:: YOUR INSTRUCTIONS ::
Would you write out the lines below exactly, from the one containing "[diagram: CAD part, four" to the very last, but without the pictures?

[Items from a data source]
· · · ·

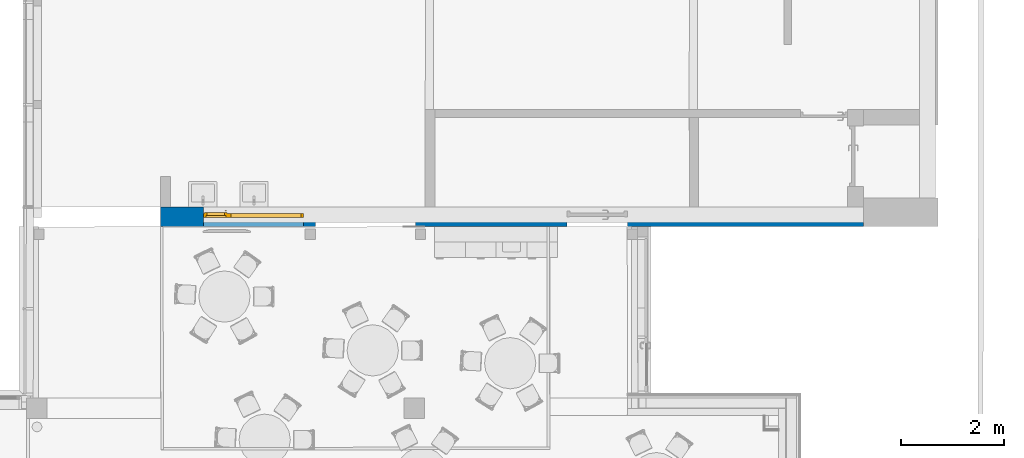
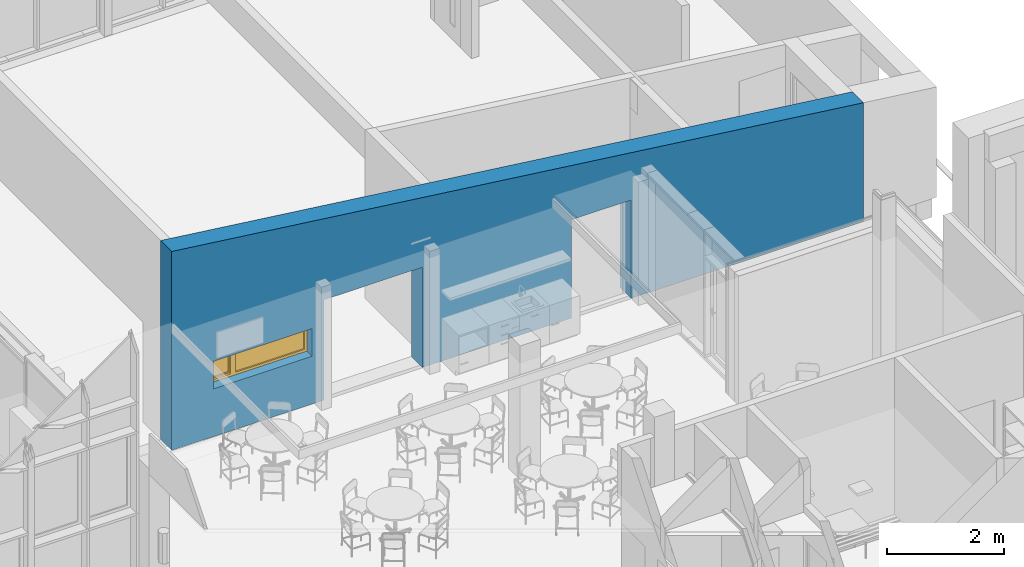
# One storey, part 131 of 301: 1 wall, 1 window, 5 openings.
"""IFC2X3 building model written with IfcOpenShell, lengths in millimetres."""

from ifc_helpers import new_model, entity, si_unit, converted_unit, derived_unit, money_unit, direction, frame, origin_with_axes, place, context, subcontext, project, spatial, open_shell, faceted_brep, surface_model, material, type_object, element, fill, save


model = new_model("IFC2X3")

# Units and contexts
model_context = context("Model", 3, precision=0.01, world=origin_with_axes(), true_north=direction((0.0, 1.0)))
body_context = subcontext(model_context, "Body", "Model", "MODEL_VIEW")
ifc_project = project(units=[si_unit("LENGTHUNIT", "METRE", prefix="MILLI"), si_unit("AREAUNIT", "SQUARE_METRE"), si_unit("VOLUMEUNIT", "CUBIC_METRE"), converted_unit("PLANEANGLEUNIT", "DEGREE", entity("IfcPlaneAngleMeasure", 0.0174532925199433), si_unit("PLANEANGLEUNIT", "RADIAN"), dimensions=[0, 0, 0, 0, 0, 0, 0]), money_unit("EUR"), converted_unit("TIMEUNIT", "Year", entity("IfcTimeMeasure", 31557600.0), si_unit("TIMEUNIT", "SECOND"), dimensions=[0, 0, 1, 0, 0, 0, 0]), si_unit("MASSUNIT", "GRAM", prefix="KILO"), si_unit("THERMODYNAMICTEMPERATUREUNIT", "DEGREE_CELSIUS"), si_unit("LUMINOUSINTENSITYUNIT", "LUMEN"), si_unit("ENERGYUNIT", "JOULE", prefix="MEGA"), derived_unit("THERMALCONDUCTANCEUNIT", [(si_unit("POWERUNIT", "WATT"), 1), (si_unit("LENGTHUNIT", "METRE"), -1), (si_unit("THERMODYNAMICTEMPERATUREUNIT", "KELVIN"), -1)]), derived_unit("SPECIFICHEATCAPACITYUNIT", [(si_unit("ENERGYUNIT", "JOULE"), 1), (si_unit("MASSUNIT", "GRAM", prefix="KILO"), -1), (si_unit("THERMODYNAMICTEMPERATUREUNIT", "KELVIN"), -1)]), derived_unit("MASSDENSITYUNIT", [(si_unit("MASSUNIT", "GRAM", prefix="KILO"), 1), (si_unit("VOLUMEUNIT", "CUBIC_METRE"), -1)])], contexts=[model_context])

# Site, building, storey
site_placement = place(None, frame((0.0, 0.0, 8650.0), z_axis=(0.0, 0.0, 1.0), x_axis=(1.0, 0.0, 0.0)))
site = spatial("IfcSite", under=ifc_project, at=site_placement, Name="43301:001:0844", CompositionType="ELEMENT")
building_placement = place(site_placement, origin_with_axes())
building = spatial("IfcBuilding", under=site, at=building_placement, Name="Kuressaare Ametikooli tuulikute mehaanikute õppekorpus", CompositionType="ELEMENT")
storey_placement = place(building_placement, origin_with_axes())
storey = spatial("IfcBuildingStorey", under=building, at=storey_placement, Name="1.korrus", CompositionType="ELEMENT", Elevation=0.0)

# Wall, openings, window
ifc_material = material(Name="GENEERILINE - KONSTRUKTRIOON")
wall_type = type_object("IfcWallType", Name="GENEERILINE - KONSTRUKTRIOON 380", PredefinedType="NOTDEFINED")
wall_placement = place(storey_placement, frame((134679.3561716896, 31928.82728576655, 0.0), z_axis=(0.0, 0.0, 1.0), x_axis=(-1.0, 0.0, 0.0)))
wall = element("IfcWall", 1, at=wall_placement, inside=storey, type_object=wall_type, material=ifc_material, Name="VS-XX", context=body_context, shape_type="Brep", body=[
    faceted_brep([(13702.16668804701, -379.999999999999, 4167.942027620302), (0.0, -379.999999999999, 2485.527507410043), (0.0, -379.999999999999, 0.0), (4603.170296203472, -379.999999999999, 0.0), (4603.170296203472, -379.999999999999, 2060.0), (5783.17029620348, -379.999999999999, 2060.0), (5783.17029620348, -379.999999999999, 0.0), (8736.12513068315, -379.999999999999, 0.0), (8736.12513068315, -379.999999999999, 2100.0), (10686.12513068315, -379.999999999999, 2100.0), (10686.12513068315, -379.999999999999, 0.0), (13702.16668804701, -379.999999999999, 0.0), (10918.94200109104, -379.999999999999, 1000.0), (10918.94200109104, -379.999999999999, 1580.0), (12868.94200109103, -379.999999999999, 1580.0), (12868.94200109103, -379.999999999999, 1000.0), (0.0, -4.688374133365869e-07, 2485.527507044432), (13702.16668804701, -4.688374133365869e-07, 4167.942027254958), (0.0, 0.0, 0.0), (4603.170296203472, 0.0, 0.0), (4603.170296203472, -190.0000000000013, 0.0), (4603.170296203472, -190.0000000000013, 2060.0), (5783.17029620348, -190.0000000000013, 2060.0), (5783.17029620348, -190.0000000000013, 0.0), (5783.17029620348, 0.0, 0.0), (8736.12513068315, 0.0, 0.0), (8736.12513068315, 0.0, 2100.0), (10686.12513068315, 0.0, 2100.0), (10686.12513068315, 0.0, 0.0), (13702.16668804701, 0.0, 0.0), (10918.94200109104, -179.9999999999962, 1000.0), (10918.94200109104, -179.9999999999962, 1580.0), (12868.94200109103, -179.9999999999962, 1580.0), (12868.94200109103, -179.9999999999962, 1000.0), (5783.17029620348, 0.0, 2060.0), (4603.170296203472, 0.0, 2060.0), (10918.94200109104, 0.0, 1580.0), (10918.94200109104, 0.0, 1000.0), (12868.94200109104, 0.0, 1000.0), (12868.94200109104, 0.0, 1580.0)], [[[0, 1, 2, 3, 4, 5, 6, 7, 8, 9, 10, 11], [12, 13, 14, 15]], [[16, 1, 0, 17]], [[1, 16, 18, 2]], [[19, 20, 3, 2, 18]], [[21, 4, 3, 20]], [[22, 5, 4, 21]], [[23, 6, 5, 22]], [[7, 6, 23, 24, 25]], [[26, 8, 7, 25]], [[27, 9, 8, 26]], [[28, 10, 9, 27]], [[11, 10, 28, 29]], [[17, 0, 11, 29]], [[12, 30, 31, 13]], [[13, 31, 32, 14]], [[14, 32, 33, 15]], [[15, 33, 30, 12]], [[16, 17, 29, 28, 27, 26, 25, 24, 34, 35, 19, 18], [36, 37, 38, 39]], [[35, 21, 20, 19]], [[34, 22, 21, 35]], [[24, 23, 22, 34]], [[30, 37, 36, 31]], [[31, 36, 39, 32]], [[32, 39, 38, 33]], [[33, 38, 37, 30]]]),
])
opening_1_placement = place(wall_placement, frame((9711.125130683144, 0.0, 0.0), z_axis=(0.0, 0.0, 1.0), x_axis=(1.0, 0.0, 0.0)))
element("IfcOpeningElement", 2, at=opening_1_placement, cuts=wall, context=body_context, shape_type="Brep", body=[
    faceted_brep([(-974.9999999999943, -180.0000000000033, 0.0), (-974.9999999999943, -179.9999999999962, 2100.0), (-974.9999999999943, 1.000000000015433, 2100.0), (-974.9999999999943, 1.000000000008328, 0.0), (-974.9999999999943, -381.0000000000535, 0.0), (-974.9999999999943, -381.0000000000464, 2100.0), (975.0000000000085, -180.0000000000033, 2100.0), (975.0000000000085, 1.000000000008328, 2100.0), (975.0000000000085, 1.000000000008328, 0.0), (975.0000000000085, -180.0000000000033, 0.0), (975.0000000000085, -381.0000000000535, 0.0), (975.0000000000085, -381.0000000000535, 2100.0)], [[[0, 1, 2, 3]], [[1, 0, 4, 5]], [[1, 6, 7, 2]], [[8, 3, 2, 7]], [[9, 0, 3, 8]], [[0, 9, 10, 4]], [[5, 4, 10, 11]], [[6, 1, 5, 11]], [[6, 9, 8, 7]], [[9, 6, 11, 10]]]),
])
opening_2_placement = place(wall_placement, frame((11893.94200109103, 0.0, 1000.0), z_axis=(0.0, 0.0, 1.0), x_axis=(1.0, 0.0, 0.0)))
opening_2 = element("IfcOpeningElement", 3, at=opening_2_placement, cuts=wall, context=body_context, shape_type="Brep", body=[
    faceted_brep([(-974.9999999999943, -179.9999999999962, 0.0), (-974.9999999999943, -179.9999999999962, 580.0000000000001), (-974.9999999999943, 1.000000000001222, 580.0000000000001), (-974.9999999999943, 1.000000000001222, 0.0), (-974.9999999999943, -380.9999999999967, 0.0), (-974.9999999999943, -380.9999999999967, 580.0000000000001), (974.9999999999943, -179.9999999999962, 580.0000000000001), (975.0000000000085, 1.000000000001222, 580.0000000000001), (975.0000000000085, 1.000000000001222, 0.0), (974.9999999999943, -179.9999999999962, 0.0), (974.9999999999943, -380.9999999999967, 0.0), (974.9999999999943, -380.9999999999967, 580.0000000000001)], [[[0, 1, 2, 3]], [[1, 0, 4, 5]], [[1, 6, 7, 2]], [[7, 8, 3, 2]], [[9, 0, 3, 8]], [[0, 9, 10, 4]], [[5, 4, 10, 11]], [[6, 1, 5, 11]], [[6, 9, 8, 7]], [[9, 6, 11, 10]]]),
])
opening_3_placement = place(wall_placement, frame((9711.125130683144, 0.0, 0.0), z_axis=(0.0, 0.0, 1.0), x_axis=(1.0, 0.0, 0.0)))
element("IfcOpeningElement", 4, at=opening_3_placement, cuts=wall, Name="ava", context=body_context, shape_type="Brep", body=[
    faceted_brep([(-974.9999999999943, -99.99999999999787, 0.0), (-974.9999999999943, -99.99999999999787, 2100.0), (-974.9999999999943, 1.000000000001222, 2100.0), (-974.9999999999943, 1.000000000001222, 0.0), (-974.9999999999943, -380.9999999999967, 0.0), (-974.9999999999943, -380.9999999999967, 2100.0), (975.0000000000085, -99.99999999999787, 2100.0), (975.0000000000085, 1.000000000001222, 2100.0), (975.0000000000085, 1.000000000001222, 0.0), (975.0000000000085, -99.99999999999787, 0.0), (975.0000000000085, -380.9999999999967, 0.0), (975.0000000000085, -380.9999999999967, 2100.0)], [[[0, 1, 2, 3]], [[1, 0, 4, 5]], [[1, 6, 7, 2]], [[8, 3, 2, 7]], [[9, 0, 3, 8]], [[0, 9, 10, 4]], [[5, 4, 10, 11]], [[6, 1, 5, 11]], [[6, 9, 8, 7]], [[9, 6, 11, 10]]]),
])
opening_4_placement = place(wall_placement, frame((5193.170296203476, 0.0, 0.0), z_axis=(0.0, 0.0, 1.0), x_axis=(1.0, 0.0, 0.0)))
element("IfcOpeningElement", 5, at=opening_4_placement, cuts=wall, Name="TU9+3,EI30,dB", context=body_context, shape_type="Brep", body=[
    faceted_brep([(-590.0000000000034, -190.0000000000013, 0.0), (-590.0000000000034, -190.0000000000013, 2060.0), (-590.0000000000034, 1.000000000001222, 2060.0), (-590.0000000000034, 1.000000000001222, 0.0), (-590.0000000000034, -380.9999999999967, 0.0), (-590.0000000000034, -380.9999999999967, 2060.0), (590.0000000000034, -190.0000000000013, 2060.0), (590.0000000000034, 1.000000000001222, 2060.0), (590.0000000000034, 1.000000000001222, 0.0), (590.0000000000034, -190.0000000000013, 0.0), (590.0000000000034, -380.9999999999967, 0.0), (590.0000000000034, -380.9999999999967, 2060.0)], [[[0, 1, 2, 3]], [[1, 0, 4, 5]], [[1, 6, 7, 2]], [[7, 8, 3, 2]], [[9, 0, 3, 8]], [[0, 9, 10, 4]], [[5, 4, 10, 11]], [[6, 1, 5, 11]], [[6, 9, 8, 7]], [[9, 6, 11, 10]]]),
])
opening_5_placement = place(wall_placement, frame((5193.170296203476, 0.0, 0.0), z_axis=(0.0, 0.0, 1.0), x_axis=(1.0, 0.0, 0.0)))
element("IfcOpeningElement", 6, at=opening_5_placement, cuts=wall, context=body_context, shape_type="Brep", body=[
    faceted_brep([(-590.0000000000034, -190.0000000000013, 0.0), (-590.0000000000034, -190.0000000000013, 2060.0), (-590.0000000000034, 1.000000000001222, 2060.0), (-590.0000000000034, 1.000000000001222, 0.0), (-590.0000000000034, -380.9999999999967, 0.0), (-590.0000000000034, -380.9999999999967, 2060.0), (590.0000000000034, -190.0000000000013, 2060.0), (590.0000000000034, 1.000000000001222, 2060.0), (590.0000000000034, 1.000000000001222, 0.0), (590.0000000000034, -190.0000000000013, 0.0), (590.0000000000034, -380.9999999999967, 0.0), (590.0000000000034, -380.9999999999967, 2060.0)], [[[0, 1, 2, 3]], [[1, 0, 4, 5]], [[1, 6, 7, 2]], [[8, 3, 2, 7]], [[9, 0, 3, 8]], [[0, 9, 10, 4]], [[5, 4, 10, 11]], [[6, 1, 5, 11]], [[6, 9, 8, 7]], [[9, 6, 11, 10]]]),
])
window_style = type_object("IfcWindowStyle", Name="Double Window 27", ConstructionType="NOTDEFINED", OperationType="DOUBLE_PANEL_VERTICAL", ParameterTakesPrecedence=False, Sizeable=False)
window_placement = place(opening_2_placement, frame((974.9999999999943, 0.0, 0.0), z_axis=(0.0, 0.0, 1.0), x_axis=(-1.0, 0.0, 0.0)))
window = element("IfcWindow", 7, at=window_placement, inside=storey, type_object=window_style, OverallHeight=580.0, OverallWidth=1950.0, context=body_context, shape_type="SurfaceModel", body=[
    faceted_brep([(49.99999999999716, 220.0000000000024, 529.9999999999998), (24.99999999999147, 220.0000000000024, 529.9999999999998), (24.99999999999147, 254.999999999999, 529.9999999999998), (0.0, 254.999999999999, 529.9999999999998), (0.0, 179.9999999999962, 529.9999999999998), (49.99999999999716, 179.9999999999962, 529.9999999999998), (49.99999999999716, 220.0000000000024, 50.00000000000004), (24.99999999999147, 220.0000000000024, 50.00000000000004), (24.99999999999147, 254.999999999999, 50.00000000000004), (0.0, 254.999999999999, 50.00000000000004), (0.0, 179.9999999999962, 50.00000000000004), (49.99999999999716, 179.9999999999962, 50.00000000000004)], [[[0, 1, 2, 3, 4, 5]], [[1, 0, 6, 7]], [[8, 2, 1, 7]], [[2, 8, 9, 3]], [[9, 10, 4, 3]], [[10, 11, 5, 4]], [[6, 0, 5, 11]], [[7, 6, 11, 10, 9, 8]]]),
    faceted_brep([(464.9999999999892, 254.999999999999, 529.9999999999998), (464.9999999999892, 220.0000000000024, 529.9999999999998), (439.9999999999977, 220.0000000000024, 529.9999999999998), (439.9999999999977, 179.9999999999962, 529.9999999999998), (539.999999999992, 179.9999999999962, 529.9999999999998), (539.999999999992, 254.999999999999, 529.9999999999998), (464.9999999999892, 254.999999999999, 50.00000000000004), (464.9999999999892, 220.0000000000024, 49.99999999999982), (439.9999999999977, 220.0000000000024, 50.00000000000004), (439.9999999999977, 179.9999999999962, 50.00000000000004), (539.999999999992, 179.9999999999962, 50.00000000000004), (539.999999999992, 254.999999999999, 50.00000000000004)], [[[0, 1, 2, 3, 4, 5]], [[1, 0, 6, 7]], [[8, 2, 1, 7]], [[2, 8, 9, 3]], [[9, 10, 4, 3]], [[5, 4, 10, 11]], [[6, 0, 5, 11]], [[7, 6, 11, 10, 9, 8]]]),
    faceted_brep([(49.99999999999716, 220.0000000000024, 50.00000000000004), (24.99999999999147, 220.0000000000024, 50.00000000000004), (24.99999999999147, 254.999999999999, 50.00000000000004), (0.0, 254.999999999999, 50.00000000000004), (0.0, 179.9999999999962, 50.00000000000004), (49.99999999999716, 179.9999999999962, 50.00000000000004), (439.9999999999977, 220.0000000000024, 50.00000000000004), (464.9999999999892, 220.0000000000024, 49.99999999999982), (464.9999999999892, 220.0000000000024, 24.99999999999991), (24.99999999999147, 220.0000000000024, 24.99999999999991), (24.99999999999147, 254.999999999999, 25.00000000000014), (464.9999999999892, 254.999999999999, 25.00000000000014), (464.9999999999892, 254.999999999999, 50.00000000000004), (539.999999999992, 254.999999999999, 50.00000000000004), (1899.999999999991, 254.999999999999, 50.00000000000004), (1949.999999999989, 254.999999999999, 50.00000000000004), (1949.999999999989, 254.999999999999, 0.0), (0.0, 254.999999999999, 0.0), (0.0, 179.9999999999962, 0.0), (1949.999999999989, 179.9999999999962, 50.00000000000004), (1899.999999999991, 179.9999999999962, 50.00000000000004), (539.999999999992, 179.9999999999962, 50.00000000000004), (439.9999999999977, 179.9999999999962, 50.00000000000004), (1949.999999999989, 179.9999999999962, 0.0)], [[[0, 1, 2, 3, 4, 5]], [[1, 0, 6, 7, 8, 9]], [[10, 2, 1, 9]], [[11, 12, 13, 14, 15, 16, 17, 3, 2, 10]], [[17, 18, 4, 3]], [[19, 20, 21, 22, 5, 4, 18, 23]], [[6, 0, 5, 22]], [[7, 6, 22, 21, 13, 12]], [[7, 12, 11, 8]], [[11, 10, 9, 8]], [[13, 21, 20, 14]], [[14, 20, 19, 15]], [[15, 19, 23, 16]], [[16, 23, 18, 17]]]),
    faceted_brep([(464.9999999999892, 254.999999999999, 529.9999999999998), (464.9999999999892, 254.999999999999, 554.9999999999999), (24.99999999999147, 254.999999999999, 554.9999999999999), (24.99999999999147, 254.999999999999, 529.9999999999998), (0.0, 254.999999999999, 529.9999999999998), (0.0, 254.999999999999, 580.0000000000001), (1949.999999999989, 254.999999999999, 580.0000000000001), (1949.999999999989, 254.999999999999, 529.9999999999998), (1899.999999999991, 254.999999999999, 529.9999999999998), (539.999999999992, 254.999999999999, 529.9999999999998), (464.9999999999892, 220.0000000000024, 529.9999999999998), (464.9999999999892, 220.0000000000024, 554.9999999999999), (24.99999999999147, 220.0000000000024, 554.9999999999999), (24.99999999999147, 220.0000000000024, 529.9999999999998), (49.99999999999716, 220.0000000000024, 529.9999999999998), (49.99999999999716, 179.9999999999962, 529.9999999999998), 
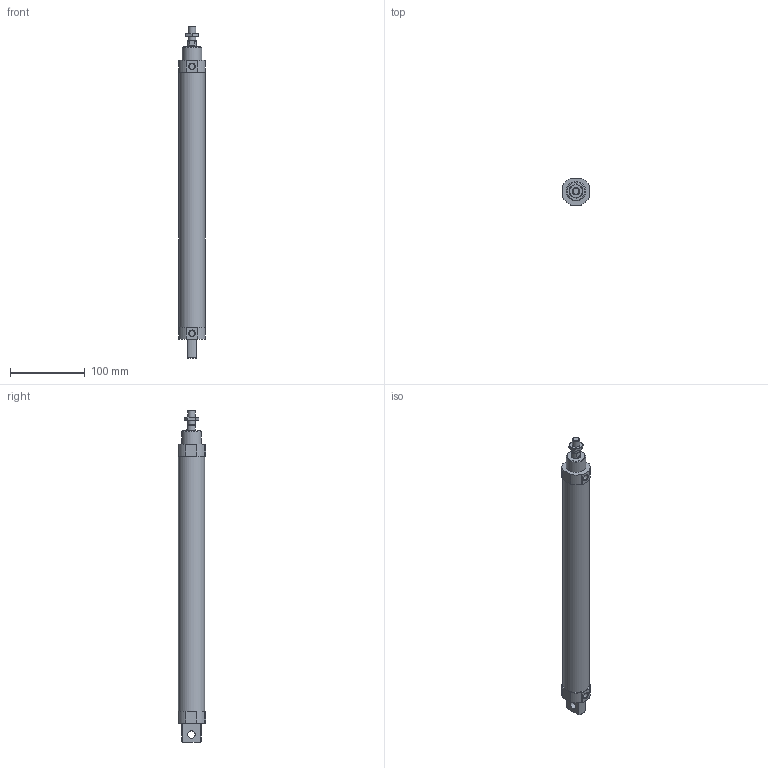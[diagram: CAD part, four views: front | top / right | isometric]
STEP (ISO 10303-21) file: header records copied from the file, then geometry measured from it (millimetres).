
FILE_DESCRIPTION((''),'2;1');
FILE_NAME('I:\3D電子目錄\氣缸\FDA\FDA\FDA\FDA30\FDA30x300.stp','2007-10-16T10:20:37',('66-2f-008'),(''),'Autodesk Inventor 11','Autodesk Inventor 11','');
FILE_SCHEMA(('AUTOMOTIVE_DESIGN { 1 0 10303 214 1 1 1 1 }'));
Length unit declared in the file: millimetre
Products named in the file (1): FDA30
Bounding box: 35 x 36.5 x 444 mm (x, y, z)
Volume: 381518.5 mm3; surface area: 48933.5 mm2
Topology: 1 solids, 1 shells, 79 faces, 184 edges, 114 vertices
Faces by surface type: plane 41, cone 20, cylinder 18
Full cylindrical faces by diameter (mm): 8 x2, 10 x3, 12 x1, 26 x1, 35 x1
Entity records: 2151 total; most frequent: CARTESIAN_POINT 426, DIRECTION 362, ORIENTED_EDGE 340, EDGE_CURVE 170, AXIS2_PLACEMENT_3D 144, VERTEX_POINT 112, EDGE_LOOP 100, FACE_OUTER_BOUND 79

· · · ·

:: SOLUTION ::
[diagram: CAD part, four views: front | top / right | isometric]
STEP (ISO 10303-21) file: header records copied from the file, then geometry measured from it (millimetres).
FILE_DESCRIPTION((''),'2;1');
FILE_NAME('I:\3D電子目錄\氣缸\FDA\FDA\FDA\FDA30\FDA30x300.stp','2007-10-16T10:20:37',('66-2f-008'),(''),'Autodesk Inventor 11','Autodesk Inventor 11','');
FILE_SCHEMA(('AUTOMOTIVE_DESIGN { 1 0 10303 214 1 1 1 1 }'));
Length unit declared in the file: millimetre
Products named in the file (1): FDA30
Bounding box: 35 x 36.5 x 444 mm (x, y, z)
Volume: 381518.5 mm3; surface area: 48933.5 mm2
Topology: 1 solids, 1 shells, 79 faces, 184 edges, 114 vertices
Faces by surface type: plane 41, cone 20, cylinder 18
Full cylindrical faces by diameter (mm): 8 x2, 10 x3, 12 x1, 26 x1, 35 x1
Entity records: 2151 total; most frequent: CARTESIAN_POINT 426, DIRECTION 362, ORIENTED_EDGE 340, EDGE_CURVE 170, AXIS2_PLACEMENT_3D 144, VERTEX_POINT 112, EDGE_LOOP 100, FACE_OUTER_BOUND 79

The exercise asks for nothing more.